Disordered impenetrable two-component fermions in one dimension

• Published in: arXiv.org
• Main Authors: Kurlov, D V, Bahovadinov, M S, Matveenko, S I, Fedorov, A K, Gritsev, V, Altshuler, B L, Shlyapnikov, G V
• Format: Paper Journal Article
• Language: English
• Published: Ithaca Cornell University Library, arXiv.org 25.04.2023
• Subjects: Anderson localization; Boundary conditions; Degrees of freedom; Fermions; Localization; Many body problem; Physics - Disordered Systems and Neural Networks; Physics - Strongly Correlated Electrons
• ISSN: 2331-8422
• DOI: 10.48550/arxiv.2112.06895

We study the one-dimensional Hubbard model for two-component fermions with infinitely strong on-site repulsion (t-0 model) in the presence of disorder. Our analytical treatment demonstrates that the type of disorder drastically changes the nature of the emerging phases.
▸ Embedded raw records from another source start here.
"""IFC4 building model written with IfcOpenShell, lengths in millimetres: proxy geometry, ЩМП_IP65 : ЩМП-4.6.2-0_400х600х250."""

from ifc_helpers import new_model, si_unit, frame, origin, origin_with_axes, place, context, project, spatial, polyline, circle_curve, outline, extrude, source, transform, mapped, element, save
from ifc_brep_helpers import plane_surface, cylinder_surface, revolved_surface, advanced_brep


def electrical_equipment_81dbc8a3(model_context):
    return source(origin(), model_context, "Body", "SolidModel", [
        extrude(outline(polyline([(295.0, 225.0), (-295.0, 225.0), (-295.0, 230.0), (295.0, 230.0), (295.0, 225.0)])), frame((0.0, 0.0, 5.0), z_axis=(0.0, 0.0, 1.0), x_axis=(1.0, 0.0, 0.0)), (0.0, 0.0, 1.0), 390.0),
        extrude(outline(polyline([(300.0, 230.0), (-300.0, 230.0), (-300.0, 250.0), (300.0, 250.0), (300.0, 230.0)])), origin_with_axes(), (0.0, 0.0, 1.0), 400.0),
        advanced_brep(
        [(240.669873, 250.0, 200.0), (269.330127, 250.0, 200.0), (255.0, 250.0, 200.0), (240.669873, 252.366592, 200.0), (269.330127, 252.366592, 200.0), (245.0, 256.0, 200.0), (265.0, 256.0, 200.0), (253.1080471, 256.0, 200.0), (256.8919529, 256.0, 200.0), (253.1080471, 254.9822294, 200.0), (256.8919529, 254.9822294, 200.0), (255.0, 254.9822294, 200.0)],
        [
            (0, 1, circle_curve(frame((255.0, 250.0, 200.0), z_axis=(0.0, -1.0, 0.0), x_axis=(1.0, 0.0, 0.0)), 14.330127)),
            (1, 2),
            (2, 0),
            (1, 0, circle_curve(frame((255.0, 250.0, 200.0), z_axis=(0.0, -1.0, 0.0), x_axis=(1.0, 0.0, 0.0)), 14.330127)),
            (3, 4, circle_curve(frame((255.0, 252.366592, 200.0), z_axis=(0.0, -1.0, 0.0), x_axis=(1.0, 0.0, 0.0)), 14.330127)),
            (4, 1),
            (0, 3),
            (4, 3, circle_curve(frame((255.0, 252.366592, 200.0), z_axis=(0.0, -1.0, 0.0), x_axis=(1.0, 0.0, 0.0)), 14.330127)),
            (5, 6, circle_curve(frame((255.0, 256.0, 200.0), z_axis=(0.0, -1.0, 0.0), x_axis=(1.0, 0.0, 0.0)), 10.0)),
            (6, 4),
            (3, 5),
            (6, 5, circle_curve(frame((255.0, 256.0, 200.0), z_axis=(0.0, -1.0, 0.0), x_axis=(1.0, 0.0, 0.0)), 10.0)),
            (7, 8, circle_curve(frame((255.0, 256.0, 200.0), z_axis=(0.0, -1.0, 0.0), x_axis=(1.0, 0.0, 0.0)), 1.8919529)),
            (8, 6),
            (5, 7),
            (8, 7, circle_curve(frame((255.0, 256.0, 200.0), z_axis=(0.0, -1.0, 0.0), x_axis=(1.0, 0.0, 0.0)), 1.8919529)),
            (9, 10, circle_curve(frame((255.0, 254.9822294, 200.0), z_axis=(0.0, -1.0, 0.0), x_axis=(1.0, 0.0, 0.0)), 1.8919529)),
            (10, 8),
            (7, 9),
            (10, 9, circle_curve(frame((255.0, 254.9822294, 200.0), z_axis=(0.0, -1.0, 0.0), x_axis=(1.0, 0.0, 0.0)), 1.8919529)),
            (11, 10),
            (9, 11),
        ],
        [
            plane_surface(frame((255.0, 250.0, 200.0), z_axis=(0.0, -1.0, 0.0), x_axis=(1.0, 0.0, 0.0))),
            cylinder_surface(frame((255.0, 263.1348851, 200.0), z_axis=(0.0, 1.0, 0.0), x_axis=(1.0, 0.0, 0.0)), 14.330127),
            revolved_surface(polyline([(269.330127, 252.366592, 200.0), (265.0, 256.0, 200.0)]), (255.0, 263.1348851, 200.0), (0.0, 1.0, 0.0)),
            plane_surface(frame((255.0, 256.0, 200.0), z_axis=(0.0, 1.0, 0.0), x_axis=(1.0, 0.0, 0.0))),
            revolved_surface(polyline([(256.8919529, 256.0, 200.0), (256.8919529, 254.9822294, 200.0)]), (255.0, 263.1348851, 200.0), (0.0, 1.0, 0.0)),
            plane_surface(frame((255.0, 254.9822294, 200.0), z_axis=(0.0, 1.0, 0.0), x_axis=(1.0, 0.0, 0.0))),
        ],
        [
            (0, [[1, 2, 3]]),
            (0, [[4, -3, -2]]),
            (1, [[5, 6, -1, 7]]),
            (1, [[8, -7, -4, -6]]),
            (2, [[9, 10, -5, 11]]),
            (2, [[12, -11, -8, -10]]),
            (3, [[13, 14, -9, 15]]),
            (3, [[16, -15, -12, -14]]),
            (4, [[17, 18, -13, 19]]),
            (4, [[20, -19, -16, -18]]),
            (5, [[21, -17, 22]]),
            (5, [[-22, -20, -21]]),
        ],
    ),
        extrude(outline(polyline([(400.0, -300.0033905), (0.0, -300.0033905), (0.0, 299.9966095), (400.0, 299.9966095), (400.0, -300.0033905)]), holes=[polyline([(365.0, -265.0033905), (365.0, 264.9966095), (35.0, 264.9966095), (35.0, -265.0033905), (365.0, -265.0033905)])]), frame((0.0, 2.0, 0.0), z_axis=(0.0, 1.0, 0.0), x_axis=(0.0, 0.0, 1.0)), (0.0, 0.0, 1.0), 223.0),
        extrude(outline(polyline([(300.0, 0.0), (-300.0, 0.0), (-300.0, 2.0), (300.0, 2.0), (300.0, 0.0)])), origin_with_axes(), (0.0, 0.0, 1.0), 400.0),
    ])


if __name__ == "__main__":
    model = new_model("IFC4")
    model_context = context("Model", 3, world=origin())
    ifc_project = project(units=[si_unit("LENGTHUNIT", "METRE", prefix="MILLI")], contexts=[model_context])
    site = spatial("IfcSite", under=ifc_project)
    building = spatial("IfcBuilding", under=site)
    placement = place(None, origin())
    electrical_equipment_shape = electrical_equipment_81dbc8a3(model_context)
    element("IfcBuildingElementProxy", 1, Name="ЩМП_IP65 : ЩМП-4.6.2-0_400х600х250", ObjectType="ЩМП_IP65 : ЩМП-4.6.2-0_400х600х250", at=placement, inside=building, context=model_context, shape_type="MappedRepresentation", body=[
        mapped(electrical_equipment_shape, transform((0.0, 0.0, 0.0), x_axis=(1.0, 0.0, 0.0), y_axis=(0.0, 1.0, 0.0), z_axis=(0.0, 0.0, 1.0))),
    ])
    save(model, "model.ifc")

The case of spin-independent disorder can be treated as a single-particle problem with Anderson localization. On the contrary, recent numerical findings show that spin-dependent disorder, which can be realized as a random magnetic field, leads to the many-body localization-delocalization transition. We find an explicit analytic expression for the matrix elements of the random magnetic field between the eigenstates of the t-0 model with potential disorder on a finite lattice. Analysis of the matrix elements supports the existence of the many-body localization-delocalization transition in this system and provides an extended physical picture of the random magnetic field.